ABOUT THIS TASK
Strip out the pictures and transcribe the records that follow exactly.

Records from a dataset
====
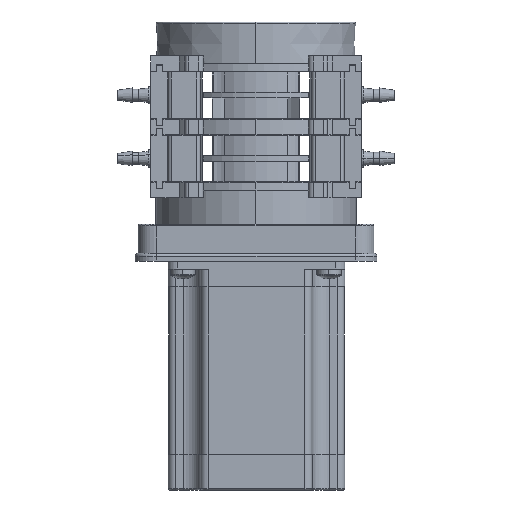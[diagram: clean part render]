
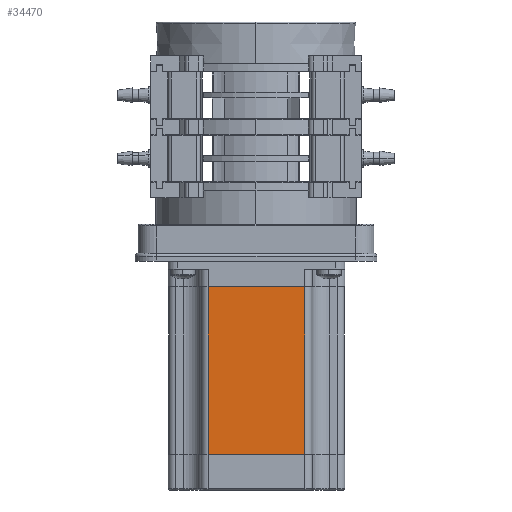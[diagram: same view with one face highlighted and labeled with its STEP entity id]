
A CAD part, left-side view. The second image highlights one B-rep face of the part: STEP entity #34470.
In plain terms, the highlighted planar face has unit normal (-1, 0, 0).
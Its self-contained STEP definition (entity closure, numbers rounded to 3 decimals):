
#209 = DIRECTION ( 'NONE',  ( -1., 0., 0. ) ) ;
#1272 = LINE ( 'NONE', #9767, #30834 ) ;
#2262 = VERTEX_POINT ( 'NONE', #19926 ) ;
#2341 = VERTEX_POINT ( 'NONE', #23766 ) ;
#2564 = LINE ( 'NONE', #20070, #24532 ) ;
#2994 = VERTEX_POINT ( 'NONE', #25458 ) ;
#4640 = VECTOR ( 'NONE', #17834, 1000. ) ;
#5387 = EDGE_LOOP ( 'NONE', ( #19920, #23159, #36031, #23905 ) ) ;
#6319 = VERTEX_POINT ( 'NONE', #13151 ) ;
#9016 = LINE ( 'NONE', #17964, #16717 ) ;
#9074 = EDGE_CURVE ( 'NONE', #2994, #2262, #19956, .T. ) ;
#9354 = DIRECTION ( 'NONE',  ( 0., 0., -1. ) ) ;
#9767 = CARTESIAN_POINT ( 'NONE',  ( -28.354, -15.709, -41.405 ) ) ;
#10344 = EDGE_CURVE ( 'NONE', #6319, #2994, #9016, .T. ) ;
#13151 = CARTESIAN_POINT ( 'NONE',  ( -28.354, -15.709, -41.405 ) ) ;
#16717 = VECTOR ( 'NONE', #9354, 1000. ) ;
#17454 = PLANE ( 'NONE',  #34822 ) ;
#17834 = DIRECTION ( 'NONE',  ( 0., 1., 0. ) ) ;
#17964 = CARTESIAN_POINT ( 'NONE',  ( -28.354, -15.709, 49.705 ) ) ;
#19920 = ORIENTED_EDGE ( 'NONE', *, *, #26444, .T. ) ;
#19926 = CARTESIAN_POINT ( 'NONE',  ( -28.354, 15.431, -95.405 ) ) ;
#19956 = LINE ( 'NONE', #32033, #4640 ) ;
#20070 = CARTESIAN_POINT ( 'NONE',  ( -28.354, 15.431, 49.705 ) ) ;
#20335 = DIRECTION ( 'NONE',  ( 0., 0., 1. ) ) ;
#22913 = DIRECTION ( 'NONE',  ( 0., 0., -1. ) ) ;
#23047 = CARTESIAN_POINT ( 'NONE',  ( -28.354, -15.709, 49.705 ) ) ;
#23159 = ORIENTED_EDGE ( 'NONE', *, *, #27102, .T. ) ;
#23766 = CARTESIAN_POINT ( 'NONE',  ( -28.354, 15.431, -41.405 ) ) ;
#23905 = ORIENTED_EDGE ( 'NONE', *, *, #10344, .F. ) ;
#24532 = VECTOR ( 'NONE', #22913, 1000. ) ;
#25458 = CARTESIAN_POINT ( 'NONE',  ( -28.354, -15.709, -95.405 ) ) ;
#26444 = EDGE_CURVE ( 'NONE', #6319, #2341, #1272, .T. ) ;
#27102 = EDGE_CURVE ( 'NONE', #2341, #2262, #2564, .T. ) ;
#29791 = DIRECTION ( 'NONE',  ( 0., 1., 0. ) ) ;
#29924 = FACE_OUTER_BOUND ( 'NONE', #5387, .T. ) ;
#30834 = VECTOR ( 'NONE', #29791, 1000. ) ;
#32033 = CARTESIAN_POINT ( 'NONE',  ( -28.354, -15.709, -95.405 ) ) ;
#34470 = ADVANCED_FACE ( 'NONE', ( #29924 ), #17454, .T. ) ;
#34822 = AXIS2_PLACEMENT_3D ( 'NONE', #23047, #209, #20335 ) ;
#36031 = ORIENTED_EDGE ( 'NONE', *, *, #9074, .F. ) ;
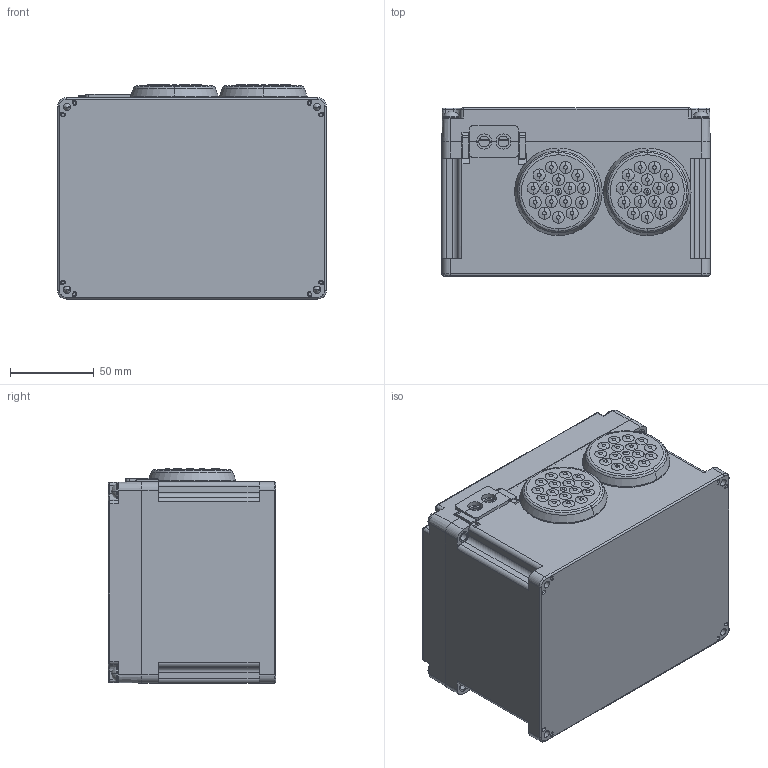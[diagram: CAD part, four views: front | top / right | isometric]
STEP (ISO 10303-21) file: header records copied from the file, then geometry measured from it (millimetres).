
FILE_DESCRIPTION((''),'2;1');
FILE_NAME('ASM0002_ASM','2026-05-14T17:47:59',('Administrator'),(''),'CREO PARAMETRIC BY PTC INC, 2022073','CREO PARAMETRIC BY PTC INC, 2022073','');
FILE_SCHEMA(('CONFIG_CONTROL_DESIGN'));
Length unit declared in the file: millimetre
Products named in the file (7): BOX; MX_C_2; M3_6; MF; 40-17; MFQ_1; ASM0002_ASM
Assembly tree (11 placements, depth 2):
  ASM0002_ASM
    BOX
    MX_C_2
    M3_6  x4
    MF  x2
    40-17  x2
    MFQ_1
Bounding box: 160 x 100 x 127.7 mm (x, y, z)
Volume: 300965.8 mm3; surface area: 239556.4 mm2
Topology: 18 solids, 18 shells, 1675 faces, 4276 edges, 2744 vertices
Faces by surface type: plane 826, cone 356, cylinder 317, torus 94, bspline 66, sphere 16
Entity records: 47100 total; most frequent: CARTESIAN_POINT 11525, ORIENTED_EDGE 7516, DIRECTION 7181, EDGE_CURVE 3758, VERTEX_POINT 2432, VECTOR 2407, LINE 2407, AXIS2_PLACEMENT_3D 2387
====
OUTPUT FOR THIS EXERCISE
[diagram: clean part render]
[diagram: same view with one face highlighted and labeled with its STEP entity id]
A CAD part, left-side view. The second image highlights one B-rep face of the part: STEP entity #34470.
In plain terms, the highlighted planar face has unit normal (-1, 0, 0).
Its self-contained STEP definition (entity closure, numbers rounded to 3 decimals):
#209 = DIRECTION ( 'NONE',  ( -1., 0., 0. ) ) ;
#1272 = LINE ( 'NONE', #9767, #30834 ) ;
#2262 = VERTEX_POINT ( 'NONE', #19926 ) ;
#2341 = VERTEX_POINT ( 'NONE', #23766 ) ;
#2564 = LINE ( 'NONE', #20070, #24532 ) ;
#2994 = VERTEX_POINT ( 'NONE', #25458 ) ;
#4640 = VECTOR ( 'NONE', #17834, 1000. ) ;
#5387 = EDGE_LOOP ( 'NONE', ( #19920, #23159, #36031, #23905 ) ) ;
#6319 = VERTEX_POINT ( 'NONE', #13151 ) ;
#9016 = LINE ( 'NONE', #17964, #16717 ) ;
#9074 = EDGE_CURVE ( 'NONE', #2994, #2262, #19956, .T. ) ;
#9354 = DIRECTION ( 'NONE',  ( 0., 0., -1. ) ) ;
#9767 = CARTESIAN_POINT ( 'NONE',  ( -28.354, -15.709, -41.405 ) ) ;
#10344 = EDGE_CURVE ( 'NONE', #6319, #2994, #9016, .T. ) ;
#13151 = CARTESIAN_POINT ( 'NONE',  ( -28.354, -15.709, -41.405 ) ) ;
#16717 = VECTOR ( 'NONE', #9354, 1000. ) ;
#17454 = PLANE ( 'NONE',  #34822 ) ;
#17834 = DIRECTION ( 'NONE',  ( 0., 1., 0. ) ) ;
#17964 = CARTESIAN_POINT ( 'NONE',  ( -28.354, -15.709, 49.705 ) ) ;
#19920 = ORIENTED_EDGE ( 'NONE', *, *, #26444, .T. ) ;
#19926 = CARTESIAN_POINT ( 'NONE',  ( -28.354, 15.431, -95.405 ) ) ;
#19956 = LINE ( 'NONE', #32033, #4640 ) ;
#20070 = CARTESIAN_POINT ( 'NONE',  ( -28.354, 15.431, 49.705 ) ) ;
#20335 = DIRECTION ( 'NONE',  ( 0., 0., 1. ) ) ;
#22913 = DIRECTION ( 'NONE',  ( 0., 0., -1. ) ) ;
#23047 = CARTESIAN_POINT ( 'NONE',  ( -28.354, -15.709, 49.705 ) ) ;
#23159 = ORIENTED_EDGE ( 'NONE', *, *, #27102, .T. ) ;
#23766 = CARTESIAN_POINT ( 'NONE',  ( -28.354, 15.431, -41.405 ) ) ;
#23905 = ORIENTED_EDGE ( 'NONE', *, *, #10344, .F. ) ;
#24532 = VECTOR ( 'NONE', #22913, 1000. ) ;
#25458 = CARTESIAN_POINT ( 'NONE',  ( -28.354, -15.709, -95.405 ) ) ;
#26444 = EDGE_CURVE ( 'NONE', #6319, #2341, #1272, .T. ) ;
#27102 = EDGE_CURVE ( 'NONE', #2341, #2262, #2564, .T. ) ;
#29791 = DIRECTION ( 'NONE',  ( 0., 1., 0. ) ) ;
#29924 = FACE_OUTER_BOUND ( 'NONE', #5387, .T. ) ;
#30834 = VECTOR ( 'NONE', #29791, 1000. ) ;
#32033 = CARTESIAN_POINT ( 'NONE',  ( -28.354, -15.709, -95.405 ) ) ;
#34470 = ADVANCED_FACE ( 'NONE', ( #29924 ), #17454, .T. ) ;
#34822 = AXIS2_PLACEMENT_3D ( 'NONE', #23047, #209, #20335 ) ;
#36031 = ORIENTED_EDGE ( 'NONE', *, *, #9074, .F. ) ;
[diagram: CAD part, four views: front | top / right | isometric]
STEP (ISO 10303-21) file: header records copied from the file, then geometry measured from it (millimetres).
FILE_DESCRIPTION((''),'2;1');
FILE_NAME('ASM0002_ASM','2026-05-14T17:47:59',('Administrator'),(''),'CREO PARAMETRIC BY PTC INC, 2022073','CREO PARAMETRIC BY PTC INC, 2022073','');
FILE_SCHEMA(('CONFIG_CONTROL_DESIGN'));
Length unit declared in the file: millimetre
Products named in the file (7): BOX; MX_C_2; M3_6; MF; 40-17; MFQ_1; ASM0002_ASM
Assembly tree (11 placements, depth 2):
  ASM0002_ASM
    BOX
    MX_C_2
    M3_6  x4
    MF  x2
    40-17  x2
    MFQ_1
Bounding box: 160 x 100 x 127.7 mm (x, y, z)
Volume: 300965.8 mm3; surface area: 239556.4 mm2
Topology: 18 solids, 18 shells, 1675 faces, 4276 edges, 2744 vertices
Faces by surface type: plane 826, cone 356, cylinder 317, torus 94, bspline 66, sphere 16
Entity records: 47100 total; most frequent: CARTESIAN_POINT 11525, ORIENTED_EDGE 7516, DIRECTION 7181, EDGE_CURVE 3758, VERTEX_POINT 2432, VECTOR 2407, LINE 2407, AXIS2_PLACEMENT_3D 2387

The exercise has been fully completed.